[Entries taken from a collection]
^^^^

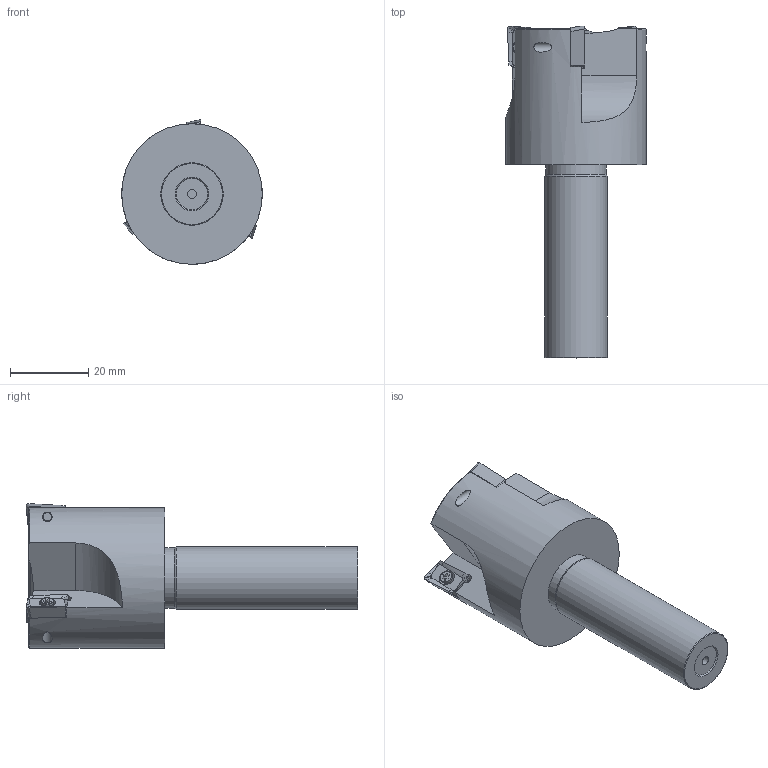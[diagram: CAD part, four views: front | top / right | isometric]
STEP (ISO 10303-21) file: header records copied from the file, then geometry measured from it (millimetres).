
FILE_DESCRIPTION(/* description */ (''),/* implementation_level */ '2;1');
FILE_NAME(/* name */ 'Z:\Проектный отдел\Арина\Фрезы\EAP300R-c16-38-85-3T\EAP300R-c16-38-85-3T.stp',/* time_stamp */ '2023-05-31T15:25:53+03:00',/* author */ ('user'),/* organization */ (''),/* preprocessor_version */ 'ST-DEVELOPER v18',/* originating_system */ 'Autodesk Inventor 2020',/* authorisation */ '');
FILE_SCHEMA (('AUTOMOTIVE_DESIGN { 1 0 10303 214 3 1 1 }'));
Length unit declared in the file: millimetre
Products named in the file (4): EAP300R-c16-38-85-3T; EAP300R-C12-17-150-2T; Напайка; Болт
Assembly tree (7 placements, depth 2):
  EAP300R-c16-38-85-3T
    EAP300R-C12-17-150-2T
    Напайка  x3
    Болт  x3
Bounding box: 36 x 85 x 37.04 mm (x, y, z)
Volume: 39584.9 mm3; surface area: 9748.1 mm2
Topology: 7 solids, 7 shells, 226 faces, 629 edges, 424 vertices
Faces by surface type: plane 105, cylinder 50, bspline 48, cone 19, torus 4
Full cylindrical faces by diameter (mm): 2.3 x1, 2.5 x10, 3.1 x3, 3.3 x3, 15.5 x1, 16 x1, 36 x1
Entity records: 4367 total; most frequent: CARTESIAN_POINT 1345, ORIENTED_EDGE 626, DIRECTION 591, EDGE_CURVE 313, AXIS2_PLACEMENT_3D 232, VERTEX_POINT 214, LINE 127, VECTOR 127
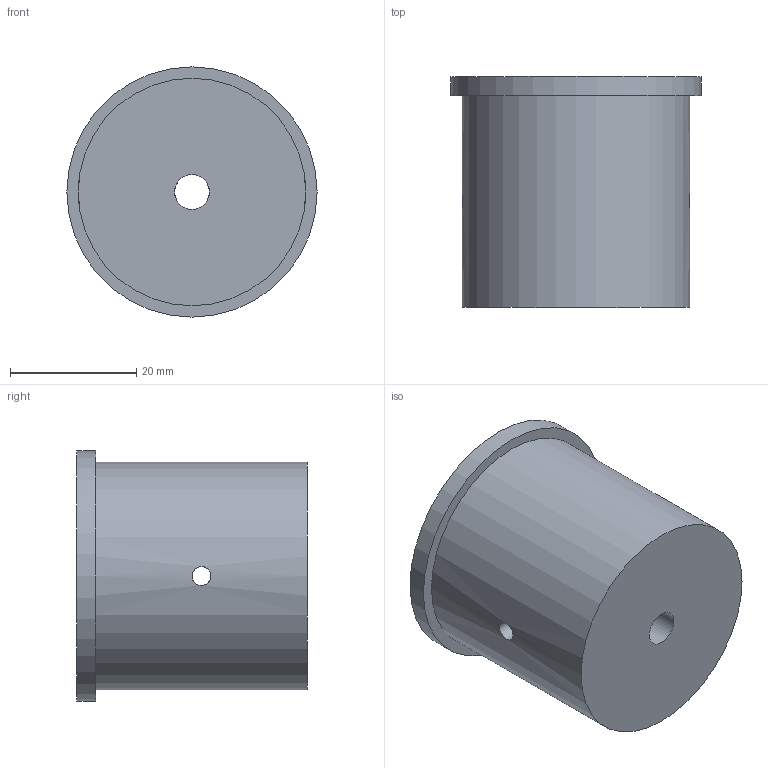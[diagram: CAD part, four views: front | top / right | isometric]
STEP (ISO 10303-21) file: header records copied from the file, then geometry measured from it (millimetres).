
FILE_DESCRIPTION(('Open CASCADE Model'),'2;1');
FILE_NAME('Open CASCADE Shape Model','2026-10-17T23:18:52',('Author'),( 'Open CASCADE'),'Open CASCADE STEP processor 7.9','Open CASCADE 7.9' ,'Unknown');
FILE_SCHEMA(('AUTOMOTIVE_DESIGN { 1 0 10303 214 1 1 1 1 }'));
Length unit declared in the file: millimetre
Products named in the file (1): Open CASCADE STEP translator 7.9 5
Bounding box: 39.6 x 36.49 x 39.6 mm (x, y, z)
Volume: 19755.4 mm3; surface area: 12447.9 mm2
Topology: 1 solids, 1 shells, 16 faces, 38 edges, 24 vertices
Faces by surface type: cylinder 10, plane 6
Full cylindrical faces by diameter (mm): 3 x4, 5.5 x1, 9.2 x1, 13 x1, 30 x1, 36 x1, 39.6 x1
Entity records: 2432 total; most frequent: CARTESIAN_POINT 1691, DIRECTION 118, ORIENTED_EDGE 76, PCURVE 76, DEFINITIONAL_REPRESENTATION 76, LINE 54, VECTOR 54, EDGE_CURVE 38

^^^^

* [Task objective]
Pull every line with the word "VECTOR" from the data.

* [Result of this exercise]
Entity records: 4367 total; most frequent: CARTESIAN_POINT 1345, ORIENTED_EDGE 626, DIRECTION 591, EDGE_CURVE 313, AXIS2_PLACEMENT_3D 232, VERTEX_POINT 214, LINE 127, VECTOR 127
Entity records: 2432 total; most frequent: CARTESIAN_POINT 1691, DIRECTION 118, ORIENTED_EDGE 76, PCURVE 76, DEFINITIONAL_REPRESENTATION 76, LINE 54, VECTOR 54, EDGE_CURVE 38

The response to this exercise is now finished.